Items listed in a dataset:

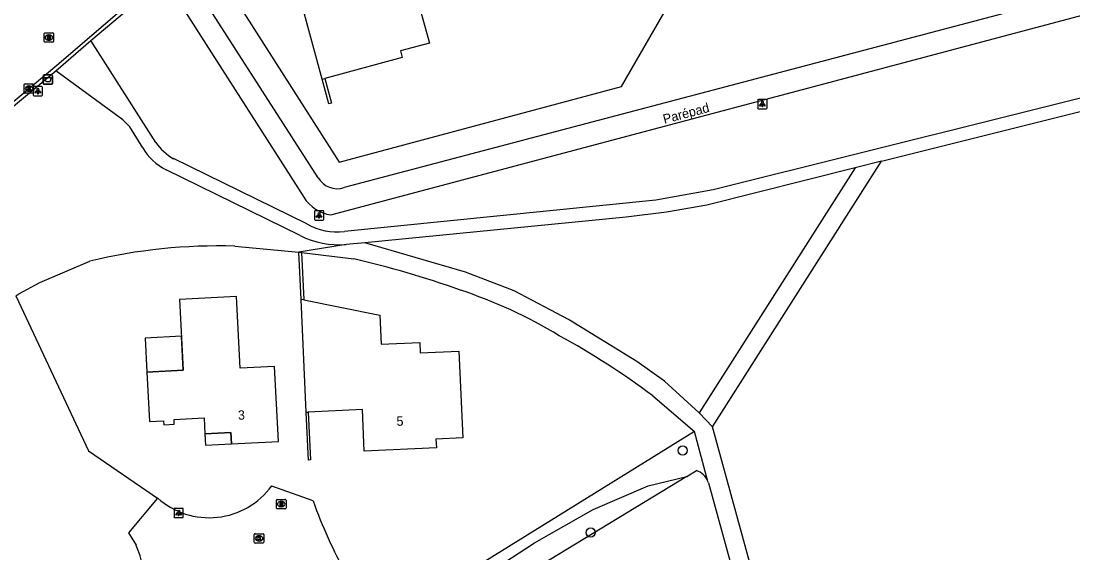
# Model space of a CAD drawing. Extents: x 162157 to 163165, y 378998 to 380775.
# Drawn here: x 162684.3 to 162796.7, y 380157.8 to 380214.6 of the extents above; entities that cross this region are included whole.
import ezdxf

# ---------------------------------------------------------------- set-up
doc = ezdxf.new("R2010")
doc.units = 0
for name, color, linetype in [('IMGEO_Afvalbak', 7, 'Continuous'), ('IMGEO_Boom', 7, 'Continuous'), ('IMGEO_Gemengd_bos', 7, 'Continuous'), ('IMGEO_Grasland_overig', 7, 'Continuous'), ('IMGEO_Groenvoorziening', 7, 'Continuous'), ('IMGEO_Kolk', 7, 'Continuous'), ('IMGEO_Lichtpunt', 7, 'Continuous'), ('IMGEO_Muur', 7, 'Continuous'), ('IMGEO_Naaldbos', 7, 'Continuous'), ('IMGEO_Openbare_ruimte_label', 7, 'Continuous'), ('IMGEO_Pand', 7, 'Continuous'), ('IMGEO_Pand_nummerreeks', 7, 'Continuous'), ('IMGEO_Pand_overbouw', 7, 'Continuous'), ('IMGEO_Rijbaan_lokaal_gesloten', 7, 'Continuous'), ('IMGEO_Rijbaan_lokaal_open', 7, 'Continuous'), ('IMGEO_Rioolput', 7, 'Continuous'), ('IMGEO_Voetpad_halfverhard', 7, 'Continuous'), ('IMGEO_Voetpad_open', 7, 'Continuous')]:
    doc.layers.add(name, color=color, linetype=linetype)

msp = doc.modelspace()

# ---------------------------------------------------------------- linework, layer by layer
at = {"layer": 'IMGEO_Afvalbak'}
for p, q in [((162686.68, 380207.92), (162686.68, 380208.72)), ((162686.68, 380208.72), (162686.68, 380207.92)), ((162686.78, 380208.82), (162687.57, 380208.82)), ((162687.57, 380208.82), (162686.78, 380208.82)), ((162687.67, 380208.72), (162687.67, 380207.92)), ((162687.67, 380207.92), (162687.67, 380208.72)), ((162687.57, 380207.82), (162686.78, 380207.82)), ((162686.78, 380207.82), (162687.57, 380207.82))]:
    msp.add_line(p, q, dxfattribs=at)
msp.add_lwpolyline([(162686.82, 380208.54), (162687.53, 380208.54), (162687.38, 380208.07), (162686.97, 380208.07), (162686.82, 380208.54)], dxfattribs=at)
for centre, start, end in [((162686.78, 380208.72), 90, 180), ((162686.78, 380208.72), 90, 180), ((162687.57, 380208.72), 0, 90), ((162687.57, 380208.72), 360, 90), ((162686.78, 380207.92), 180, 270), ((162686.78, 380207.92), 180, 270), ((162687.57, 380207.92), 270, 0), ((162687.57, 380207.92), 270, 0)]:
    msp.add_arc(centre, 0.1, start, end, dxfattribs=at)
at = {"layer": 'IMGEO_Boom'}
for centre in [(162755.02, 380168.72), (162745.18, 380159.96)]:
    msp.add_circle(centre, 0.489, dxfattribs=at)
at = {"layer": 'IMGEO_Gemengd_bos'}
msp.add_lwpolyline([(162706.23, 380218.45), (162718.29, 380199.51), (162748.49, 380207.59), (162771.73, 380247.86), (162783, 380245.41)], dxfattribs=at)
at = {"layer": 'IMGEO_Grasland_overig'}
msp.add_lwpolyline([(162683.75, 380185.24), (162691.52, 380168.67), (162698.9, 380163.63)], dxfattribs=at)
at = {"layer": 'IMGEO_Groenvoorziening'}
msp.add_lwpolyline([(162755.47, 380165.95), (162726.2, 380148.17)], dxfattribs=at)
at = {"layer": 'IMGEO_Kolk'}
for p, q in [((162684.65, 380206.94), (162684.65, 380207.79)), ((162684.73, 380207.87), (162685.58, 380207.87)), ((162685.14, 380207.64), (162685.17, 380207.64)), ((162685.65, 380207.79), (162685.65, 380206.94)), ((162685.58, 380206.86), (162684.73, 380206.86)), ((162685.16, 380207.09), (162685.14, 380207.09)), ((162709.23, 380158.91), (162709.23, 380159.76)), ((162709.31, 380159.83), (162710.16, 380159.83)), ((162709.72, 380159.61), (162709.75, 380159.61)), ((162710.24, 380159.76), (162710.24, 380158.91)), ((162710.16, 380158.83), (162709.31, 380158.83)), ((162709.74, 380159.05), (162709.72, 380159.05))]:
    msp.add_line(p, q, dxfattribs=at)
for points in [[(162684.65, 380206.94), (162684.65, 380207.79)], [(162684.73, 380207.87), (162685.58, 380207.87)], [(162685.65, 380207.79), (162685.65, 380206.94)], [(162685.58, 380206.86), (162684.73, 380206.86)], [(162684.97, 380207.56), (162685.1, 380207.56), (162685.1, 380207.41), (162685.23, 380207.56), (162685.39, 380207.56), (162685.25, 380207.41), (162685.4, 380207.16), (162685.25, 380207.16), (162685.16, 380207.33), (162685.1, 380207.26), (162685.1, 380207.16), (162684.97, 380207.16), (162684.97, 380207.56)], [(162709.23, 380158.91), (162709.23, 380159.76)], [(162709.31, 380159.83), (162710.16, 380159.83)], [(162709.55, 380159.53), (162709.68, 380159.53), (162709.68, 380159.38), (162709.81, 380159.53), (162709.97, 380159.53), (162709.83, 380159.38), (162709.98, 380159.13), (162709.83, 380159.13), (162709.74, 380159.3), (162709.68, 380159.23), (162709.68, 380159.13), (162709.55, 380159.13), (162709.55, 380159.53)], [(162710.24, 380159.76), (162710.24, 380158.91)], [(162710.16, 380158.83), (162709.31, 380158.83)]]:
    msp.add_lwpolyline(points, dxfattribs=at)
for centre, start, end in [((162684.73, 380207.79), 91.552, 178.448), ((162684.73, 380207.79), 91.552, 178.448), ((162685.58, 380207.79), 1.552, 88.448), ((162685.58, 380207.79), 1.552, 88.448), ((162684.73, 380206.94), 181.552, 268.448), ((162684.73, 380206.94), 181.552, 268.448), ((162685.58, 380206.94), 271.552, 358.448), ((162685.58, 380206.94), 271.552, 358.448), ((162709.31, 380159.76), 91.552, 178.448), ((162709.31, 380159.76), 91.552, 178.448), ((162710.16, 380159.76), 1.552, 88.448), ((162710.16, 380159.76), 1.552, 88.448), ((162709.31, 380158.91), 181.552, 268.448), ((162709.31, 380158.91), 181.552, 268.448), ((162710.16, 380158.91), 271.552, 358.448), ((162710.16, 380158.91), 271.552, 358.448)]:
    msp.add_arc(centre, 0.0765, start, end, dxfattribs=at)
for centre, major_axis, ratio, start_param, end_param in [((162685.14, 380207.36), (-0.387, 0.002), 0.722429, 4.712389, 7.853982), ((162685.16, 380207.36), (-0.39, 0.002), 0.717154, 1.570796, 4.712389), ((162709.72, 380159.33), (-0.387, 0.002), 0.722429, 4.712389, 7.853982), ((162709.75, 380159.33), (-0.39, 0.002), 0.717154, 1.570796, 4.712389)]:
    msp.add_ellipse(centre, major_axis=major_axis, ratio=ratio, start_param=start_param, end_param=end_param, dxfattribs=at)
at = {"layer": 'IMGEO_Lichtpunt'}
for p, q in [((162686.51, 380207.58), (162685.71, 380207.58)), ((162686.51, 380207.58), (162685.71, 380207.58)), ((162685.61, 380207.49), (162685.61, 380206.68)), ((162685.61, 380207.49), (162685.61, 380206.68)), ((162685.71, 380206.59), (162686.51, 380206.59)), ((162685.71, 380206.59), (162686.51, 380206.59)), ((162686.61, 380206.68), (162686.61, 380207.49)), ((162686.61, 380206.68), (162686.61, 380207.49)), ((162763.03, 380206.11), (162763.03, 380205.31)), ((162763.03, 380206.11), (162763.03, 380205.31)), ((162763.93, 380206.21), (162763.12, 380206.21)), ((162763.93, 380206.21), (162763.12, 380206.21)), ((162764.03, 380205.31), (162764.03, 380206.11)), ((162764.03, 380205.31), (162764.03, 380206.11)), ((162763.12, 380205.21), (162763.93, 380205.21)), ((162763.12, 380205.21), (162763.93, 380205.21)), ((162715.65, 380194.23), (162715.65, 380193.42)), ((162715.65, 380194.23), (162715.65, 380193.42)), ((162716.55, 380194.32), (162715.75, 380194.32)), ((162716.55, 380194.32), (162715.75, 380194.32)), ((162716.65, 380193.42), (162716.65, 380194.23)), ((162716.65, 380193.42), (162716.65, 380194.23)), ((162715.75, 380193.32), (162716.55, 380193.32)), ((162715.75, 380193.32), (162716.55, 380193.32)), ((162700.65, 380162.45), (162700.65, 380161.64)), ((162700.65, 380162.45), (162700.65, 380161.64)), ((162701.55, 380162.54), (162700.74, 380162.54)), ((162701.55, 380162.54), (162700.74, 380162.54)), ((162700.74, 380161.55), (162701.55, 380161.55)), ((162700.74, 380161.55), (162701.55, 380161.55)), ((162701.64, 380161.64), (162701.64, 380162.45)), ((162701.64, 380161.64), (162701.64, 380162.45))]:
    msp.add_line(p, q, dxfattribs=at)
for points in [[(162685.99, 380207.15), (162686.03, 380207.13), (162685.84, 380206.86), (162685.8, 380206.89), (162685.99, 380207.15)], [(162686.09, 380207.11), (162686.14, 380207.11), (162686.14, 380206.78), (162686.09, 380206.78), (162686.09, 380207.11)], [(162686.2, 380207.13), (162686.24, 380207.15), (162686.42, 380206.89), (162686.39, 380206.86), (162686.2, 380207.13)], [(162763.4, 380205.78), (162763.44, 380205.75), (162763.26, 380205.49), (162763.22, 380205.51), (162763.4, 380205.78)], [(162763.51, 380205.73), (162763.55, 380205.73), (162763.55, 380205.41), (162763.51, 380205.41), (162763.51, 380205.73)], [(162763.62, 380205.75), (162763.65, 380205.78), (162763.84, 380205.51), (162763.8, 380205.49), (162763.62, 380205.75)], [(162716.03, 380193.89), (162716.06, 380193.86), (162715.88, 380193.6), (162715.84, 380193.63), (162716.03, 380193.89)], [(162716.13, 380193.84), (162716.17, 380193.84), (162716.17, 380193.52), (162716.13, 380193.52), (162716.13, 380193.84)], [(162716.24, 380193.86), (162716.28, 380193.89), (162716.46, 380193.63), (162716.42, 380193.6), (162716.24, 380193.86)], [(162701.02, 380162.11), (162701.06, 380162.09), (162700.87, 380161.82), (162700.83, 380161.85), (162701.02, 380162.11)], [(162701.12, 380162.07), (162701.17, 380162.07), (162701.17, 380161.74), (162701.12, 380161.74), (162701.12, 380162.07)], [(162701.23, 380162.09), (162701.27, 380162.11), (162701.46, 380161.85), (162701.42, 380161.82), (162701.23, 380162.09)]]:
    msp.add_lwpolyline(points, dxfattribs=at)
for centre in [(162686.11, 380207.29), (162763.53, 380205.91), (162716.15, 380194.02), (162701.15, 380162.25)]:
    msp.add_circle(centre, 0.0994, dxfattribs=at)
for centre, start, end in [((162685.71, 380207.49), 90, 180), ((162685.71, 380207.49), 90, 180), ((162686.51, 380207.49), 0, 90), ((162686.51, 380207.49), 0, 90), ((162685.71, 380206.68), 180, 270), ((162685.71, 380206.68), 180, 270), ((162686.51, 380206.68), 270, 0), ((162686.51, 380206.68), 270, 360), ((162763.12, 380206.11), 90, 180), ((162763.12, 380206.11), 90, 180), ((162763.93, 380206.11), 0, 90), ((162763.93, 380206.11), 0, 90), ((162763.12, 380205.31), 180, 270), ((162763.12, 380205.31), 180, 270), ((162763.93, 380205.31), 270, 0), ((162763.93, 380205.31), 270, 360), ((162715.75, 380194.23), 90, 180), ((162715.75, 380194.23), 90, 180), ((162716.55, 380194.23), 0, 90), ((162716.55, 380194.23), 0, 90), ((162715.75, 380193.42), 180, 270), ((162715.75, 380193.42), 180, 270), ((162716.55, 380193.42), 270, 0), ((162716.55, 380193.42), 270, 360), ((162700.74, 380162.45), 90, 180), ((162700.74, 380162.45), 90, 180), ((162700.74, 380161.64), 180, 270), ((162700.74, 380161.64), 180, 270), ((162701.55, 380162.45), 0, 90), ((162701.55, 380162.45), 0, 90), ((162701.55, 380161.64), 270, 0), ((162701.55, 380161.64), 270, 360)]:
    msp.add_arc(centre, 0.0946, start, end, dxfattribs=at)
at = {"layer": 'IMGEO_Muur'}
for points in [[(162716.77, 380208.45), (162717.49, 380205.82), (162717.2, 380205.74), (162716.49, 380208.37)], [(162714, 380189.9), (162714.28, 380189.87)], [(162714.23, 380184.85), (162714, 380189.9)], [(162714.28, 380189.87), (162714.52, 380184.79)], [(162715, 380172.81), (162715.23, 380167.71), (162715.03, 380167.7), (162714.79, 380172.8)]]:
    msp.add_lwpolyline(points, dxfattribs=at)
at = {"layer": 'IMGEO_Naaldbos'}
for points in [[(162707.14, 380190.54), (162714, 380189.9)], [(162683.75, 380185.24), (162684.07, 380185.46), (162686.32, 380186.65), (162691.65, 380188.94)]]:
    msp.add_lwpolyline(points, dxfattribs=at)
msp.add_arc((162705.36, 380131.99), 58.57, 88.2597, 103.5364, dxfattribs=at)
at = {"layer": 'IMGEO_Pand'}
for points in [[(162716.49, 380208.37), (162714.39, 380216.1), (162715.1, 380216.3), (162714.03, 380220.25), (162720.57, 380222.02), (162719.45, 380226.13), (162723.68, 380227.27)], [(162723.9, 380227.33), (162727.13, 380215.42), (162727.08, 380215.4), (162727.94, 380212.22), (162724.86, 380211.39), (162725.05, 380210.69), (162716.77, 380208.45)], [(162716.49, 380208.37), (162716.77, 380208.45)], [(162707.33, 380185.16), (162701.24, 380184.84), (162701.63, 380177.28), (162697.75, 380177.08), (162698.03, 380171.82), (162699.54, 380171.9), (162699.56, 380171.47), (162700.68, 380171.52), (162700.65, 380172.02), (162703.87, 380172.19), (162703.96, 380170.51), (162706.74, 380170.65), (162706.8, 380169.43), (162711.82, 380169.69), (162711.4, 380177.68), (162707.73, 380177.49), (162707.33, 380185.16)], [(162714.79, 380172.8), (162714.23, 380184.85)], [(162714.52, 380184.79), (162714.23, 380184.85)], [(162714.52, 380184.79), (162722.65, 380183.18), (162722.8, 380180.07), (162726.92, 380180.26), (162726.97, 380179.15), (162731.08, 380179.34), (162731.51, 380170.08), (162728.64, 380169.94), (162728.69, 380169.01), (162720.99, 380168.66), (162720.79, 380173.08), (162715, 380172.81)], [(162714.79, 380172.8), (162715, 380172.81)]]:
    msp.add_lwpolyline(points, dxfattribs=at)
at = {"layer": 'IMGEO_Pand_overbouw'}
for points in [[(162697.56, 380180.72), (162697.75, 380177.08), (162701.63, 380177.28), (162701.44, 380180.93)], [(162703.96, 380170.51), (162704.02, 380169.28), (162706.8, 380169.43), (162706.74, 380170.65)]]:
    msp.add_lwpolyline(points, close=True, dxfattribs=at)
at = {"layer": 'IMGEO_Rijbaan_lokaal_gesloten'}
msp.add_lwpolyline([(162699.33, 380219.44), (162688.11, 380209.84), (162656.75, 380183.58)], dxfattribs=at)
at = {"layer": 'IMGEO_Rijbaan_lokaal_open'}
for points in [[(162691.75, 380212.48), (162699.59, 380219.12)], [(162688.01, 380209.27), (162691.75, 380212.48)], [(162655.18, 380181.88), (162688.01, 380209.27)], [(162715.51, 380163.34), (162711.09, 380164.92)], [(162698.9, 380163.63), (162695.78, 380159.94), (162696.6, 380158.59)]]:
    msp.add_lwpolyline(points, dxfattribs=at)
for centre, radius, start, end in [((162704.41, 380169.83), 8.29, 228.3998, 323.7405), ((162766.9, 380181.89), 54.64, 199.8527, 208.8663), ((162688.65, 380154.93), 8.75, 353.8956, 24.664)]:
    msp.add_arc(centre, radius, start, end, dxfattribs=at)
at = {"layer": 'IMGEO_Rioolput'}
for p, q in [((162686.78, 380212.39), (162686.78, 380213.24)), ((162686.85, 380213.31), (162687.7, 380213.31)), ((162687.78, 380213.24), (162687.78, 380212.39)), ((162687.7, 380212.31), (162686.85, 380212.31)), ((162687.26, 380213.09), (162687.29, 380213.09)), ((162687.29, 380212.53), (162687.26, 380212.53)), ((162711.62, 380162.57), (162711.62, 380163.42)), ((162711.69, 380163.49), (162712.54, 380163.49)), ((162712.1, 380163.27), (162712.13, 380163.27)), ((162712.13, 380162.71), (162712.1, 380162.71)), ((162712.62, 380163.42), (162712.62, 380162.57)), ((162712.54, 380162.49), (162711.69, 380162.49))]:
    msp.add_line(p, q, dxfattribs=at)
for points in [[(162686.78, 380212.39), (162686.78, 380213.24)], [(162686.85, 380213.31), (162687.7, 380213.31)], [(162687.78, 380213.24), (162687.78, 380212.39)], [(162687.7, 380212.31), (162686.85, 380212.31)], [(162687.36, 380213.01), (162687.11, 380213.01), (162687.11, 380212.61)], [(162687.11, 380212.61), (162687.24, 380212.61), (162687.24, 380212.78), (162687.25, 380212.78)], [(162687.29, 380212.93), (162687.24, 380212.93), (162687.24, 380212.85)], [(162687.24, 380212.85), (162687.29, 380212.85)], [(162687.29, 380212.75), (162687.37, 380212.61), (162687.5, 380212.61), (162687.44, 380212.74)], [(162711.62, 380162.57), (162711.62, 380163.42)], [(162711.69, 380163.49), (162712.54, 380163.49)], [(162712.21, 380163.19), (162711.95, 380163.19), (162711.95, 380162.79)], [(162711.95, 380162.79), (162712.08, 380162.79), (162712.08, 380162.96), (162712.09, 380162.96)], [(162712.13, 380163.11), (162712.08, 380163.11), (162712.08, 380163.03)], [(162712.08, 380163.03), (162712.13, 380163.03)], [(162712.13, 380162.93), (162712.21, 380162.79), (162712.35, 380162.79), (162712.28, 380162.92)], [(162712.62, 380163.42), (162712.62, 380162.57)], [(162712.54, 380162.49), (162711.69, 380162.49)]]:
    msp.add_lwpolyline(points, dxfattribs=at)
for centre, radius, start, end in [((162686.85, 380213.24), 0.0765, 91.552, 178.448), ((162686.85, 380213.24), 0.0765, 91.552, 178.448), ((162687.7, 380213.24), 0.0765, 1.552, 88.448), ((162687.7, 380213.24), 0.0765, 1.552, 88.448), ((162686.85, 380212.39), 0.0765, 181.552, 268.448), ((162686.85, 380212.39), 0.0765, 181.552, 268.448), ((162687.25, 380212.72), 0.0533, 26.0293, 88.6989), ((162687.3, 380212.84), 0.0964, 77.0061, 93.1865), ((162687.27, 380213.04), 0.19, 274.7715, 282.9687), ((162687.31, 380212.89), 0.0378, 276.6634, 79.6772), ((162687.36, 380212.9), 0.109, 350.3612, 89.416), ((162687.36, 380212.9), 0.112, 277.5842, 350.9817), ((162687.35, 380212.69), 0.108, 29.5134, 73.7905), ((162687.7, 380212.39), 0.0765, 271.552, 358.448), ((162687.7, 380212.39), 0.0765, 271.552, 358.448), ((162711.69, 380163.42), 0.0765, 91.552, 178.448), ((162711.69, 380163.42), 0.0765, 91.552, 178.448), ((162712.09, 380162.9), 0.0533, 26.0293, 88.6989), ((162712.14, 380163.02), 0.0964, 77.0061, 93.1865), ((162712.11, 380163.22), 0.19, 274.7715, 282.9687), ((162712.15, 380163.07), 0.0378, 276.6634, 79.6772), ((162712.2, 380163.08), 0.109, 350.3612, 89.416), ((162712.2, 380163.08), 0.112, 277.5842, 350.9817), ((162712.19, 380162.87), 0.108, 29.5134, 73.7905), ((162712.54, 380163.42), 0.0765, 1.552, 88.448), ((162712.54, 380163.42), 0.0765, 1.552, 88.448), ((162711.69, 380162.57), 0.0765, 181.552, 268.448), ((162711.69, 380162.57), 0.0765, 181.552, 268.448), ((162712.54, 380162.57), 0.0765, 271.552, 358.448), ((162712.54, 380162.57), 0.0765, 271.552, 358.448)]:
    msp.add_arc(centre, radius, start, end, dxfattribs=at)
for centre, major_axis, ratio, start_param, end_param in [((162687.26, 380212.81), (-0.387, 0.002), 0.722429, 4.712389, 7.853982), ((162687.29, 380212.81), (-0.39, 0.002), 0.717154, 1.570796, 4.712389), ((162712.1, 380162.99), (-0.387, 0.002), 0.722429, 4.712389, 7.853982), ((162712.13, 380162.99), (-0.39, 0.002), 0.717154, 1.570796, 4.712389)]:
    msp.add_ellipse(centre, major_axis=major_axis, ratio=ratio, start_param=start_param, end_param=end_param, dxfattribs=at)
at = {"layer": 'IMGEO_Voetpad_halfverhard'}
for points in [[(162698.7, 380201.61), (162691.75, 380212.48)], [(162697.31, 380201.05), (162695.93, 380203.29), (162695.18, 380204.02), (162688.01, 380209.27)], [(162805.25, 380208.27), (162758.28, 380196.55), (162752.14, 380195.44), (162718.86, 380192.09)], [(162776.26, 380199.6), (162805.6, 380206.95)], [(162714.86, 380192.91), (162700.58, 380199.88)], [(162714.12, 380191.67), (162699.81, 380198.7)], [(162773.43, 380198.89), (162757.58, 380194.92), (162753.29, 380194.17), (162748.96, 380193.64), (162721.06, 380190.9)], [(162773.43, 380198.89), (162756.79, 380172.74)], [(162758.21, 380171.26), (162776.26, 380199.6)], [(162776.26, 380199.6), (162773.43, 380198.89)], [(162719.04, 380190.71), (162714, 380189.9)], [(162721.06, 380190.9), (162719.04, 380190.71)], [(162756.79, 380172.74), (162753.06, 380176.11), (162750.13, 380178.22), (162742.81, 380182.7), (162737.02, 380185.75), (162731.8, 380187.77), (162721.06, 380190.9)], [(162714.28, 380189.87), (162719.86, 380189.17)], [(162751.83, 380174.54), (162756.28, 380170.74)], [(162756.79, 380172.74), (162758.21, 380171.26)], [(162756.28, 380170.74), (162732.09, 380155.77)], [(162757.71, 380165.41), (162756.28, 380170.74)], [(162779.59, 380093.44), (162758.21, 380171.26)], [(162755.47, 380165.95), (162756.49, 380166.57)], [(162726.2, 380148.17), (162726.01, 380148.42), (162726, 380149.21), (162729.26, 380152.13), (162731.9, 380154.14), (162739.16, 380158.85), (162745.43, 380162.43), (162751.31, 380164.93), (162755.47, 380165.95)], [(162757.76, 380165.25), (162777.59, 380093.17)]]:
    msp.add_lwpolyline(points, dxfattribs=at)
for centre, radius, start, end in [((162702.36, 380203.92), 5.81, 209.6526, 243.9847), ((162703.74, 380205.2), 6.19, 215.547, 239.3439), ((162718.09, 380198.5), 6.45, 239.9123, 276.8132), ((162718.34, 380200.15), 9.47, 243.5649, 274.2415), ((162697.97, 380092.91), 98.72, 70.3522, 77.1858), ((162715.04, 380136.87), 51.59, 58.721, 71.7894), ((162703.37, 380110.12), 80.61, 53.0519, 61.5113), ((162755.88, 380164.72), 1.95, 20.6804, 71.6854), ((162755.78, 380164.68), 2.06, 16.1883, 20.6816)]:
    msp.add_arc(centre, radius, start, end, dxfattribs=at)
at = {"layer": 'IMGEO_Voetpad_open'}
for points in [[(162699.59, 380219.12), (162714.53, 380195.76)], [(162802.35, 380218.82), (162791.24, 380215.89), (162718.82, 380196.79)], [(162717.42, 380193.88), (162802.93, 380216.6)], [(162716.07, 380197.83), (162704.48, 380215.83)]]:
    msp.add_lwpolyline(points, dxfattribs=at)
for centre, radius, start, end in [((162718.1, 380199.04), 2.37, 210.8424, 287.7586), ((162718.04, 380198), 4.17, 212.5408, 261.47)]:
    msp.add_arc(centre, radius, start, end, dxfattribs=at)

# ---------------------------------------------------------------- texts
at = {"layer": 'IMGEO_Openbare_ruimte_label'}
msp.add_text('Parépad', height=1, rotation=14.8982, dxfattribs=at).set_placement((162753.06, 380203.59))
at = {"layer": 'IMGEO_Pand_nummerreeks'}
for s, rotation, p in [('3', 3.0023, (162707.51, 380171.99)), ('5', 2.6559, (162724.45, 380171.34))]:
    msp.add_text(s, height=1, rotation=rotation, dxfattribs=at).set_placement(p)

doc.saveas('drawing.dxf')

**TASK REQUIREMENTS**
Could you transcribe exactly the lines from the start of the records through the line containing "doc.units = 0", both ends included, leaving the pictures out?

**TASK ANSWER**
# Model space of a CAD drawing. Extents: x 162157 to 163165, y 378998 to 380775.
# Drawn here: x 162684.3 to 162796.7, y 380157.8 to 380214.6 of the extents above; entities that cross this region are included whole.
import ezdxf

# ---------------------------------------------------------------- set-up
doc = ezdxf.new("R2010")
doc.units = 0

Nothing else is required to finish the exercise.